Possible future system changes

We undertook a tentative analysis to see if ‘hotspots of change’ could be identified in the global rangelands, along with possible responses.

Projected changes in aboveground live biomass in the rangelands for the 2050s categorised into 10 combinations of population, access and precipitation CV (see footnotes to the table below for details).

We categorised the rangelands into 10, based on combinations of human population in 2050 for Shared Socio-Economic Pathway 2 (‘Middle of the Road’) (Murakami and Yamagata 2016); market access in terms of travel time to the nearest city of 50,000 inhabitants or more in 2000 (Nelson 2008); and the coefficient of variation of precipitation, estimated for the 2050s using an empirical relationship between annual rainfall and rainfall CV (Jurkovic and Pasaric 2013). Here we assume climate stationarity to the 2050s, which may well not be the case, although no change in this relationship was found over the second half of the twentieth century (Jurkovic and Pasaric 2013). These 10 categories are mapped in the figure, and characterised in the table below in terms of projections of their aboveground live biomass changes to 2050s, using an ensemble of seven climate models, RCP 8.5 (a high emissions scenario), and the dynamic rangeland model G-Range (Boone et al. 2018). While the ensemble mean biomass changes to the 2050s are projected to be positive for each category, there is considerable spatial variability in these biomass changes; these are explored in the Boone et al. (2018) paper.

The table also includes a qualitative assessment of possible responses in each category.
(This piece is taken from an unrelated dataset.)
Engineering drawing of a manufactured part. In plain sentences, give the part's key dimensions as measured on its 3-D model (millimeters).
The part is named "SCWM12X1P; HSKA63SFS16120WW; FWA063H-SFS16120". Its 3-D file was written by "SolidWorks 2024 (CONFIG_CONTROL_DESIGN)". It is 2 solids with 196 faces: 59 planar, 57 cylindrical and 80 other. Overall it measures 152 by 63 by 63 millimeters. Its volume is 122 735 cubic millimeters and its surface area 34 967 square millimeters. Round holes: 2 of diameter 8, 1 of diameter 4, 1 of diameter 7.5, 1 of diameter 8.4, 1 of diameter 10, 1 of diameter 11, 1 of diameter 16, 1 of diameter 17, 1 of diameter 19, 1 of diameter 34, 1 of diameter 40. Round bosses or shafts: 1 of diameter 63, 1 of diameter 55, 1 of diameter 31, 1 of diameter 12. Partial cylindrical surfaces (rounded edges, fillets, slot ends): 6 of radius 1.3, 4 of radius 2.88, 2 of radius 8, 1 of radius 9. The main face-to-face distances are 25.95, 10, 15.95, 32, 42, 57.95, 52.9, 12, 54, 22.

For example, category 1 is characterised by low population density, good market accessibility (a livestock keeper being able to travel to the market and back within one day), and low rainfall variability. In this category, modest increases in aboveground live biomass are projected to the middle of the century, although there may be significant spatial variation. In such places (parts of southern-central USA, SE Brazil, and parts of the African humid tropics, for instance), non-livestock-based livelihoods may well be possible, as well as specialisation in, and intensification of, production. There are likely to be fewer options for places in category 8 (parts of central Australia, much of the Sahara, and NE China, for instance): low population densities, far from markets, with high annual rainfall variability; percentage changes in live biomass may be large, but the baseline is very low. In such places, the provision of social safety nets will be the priority, or livelihoods not based on livestock. Interestingly, a large proportion of category 9 sites are located across the wetter zones of West and East Africa (medium populations, close to urban markets, with low rainfall variability), suggesting that there may be substantial opportunities for intensification, diversification, and specialisation of land use in some of these areas.

Enablers of change and the unpredictability of the future

A key question is whether change in agricultural systems to the middle of the century is in any way predictable, allowing technological, informational, and policy interventions and investments to be targeted at the relatively small scales appropriate to addressing local context. In our chapter, we discussed this in relation to three overlapping enablers (or dis-enablers) of change: governance, economics, and innovation.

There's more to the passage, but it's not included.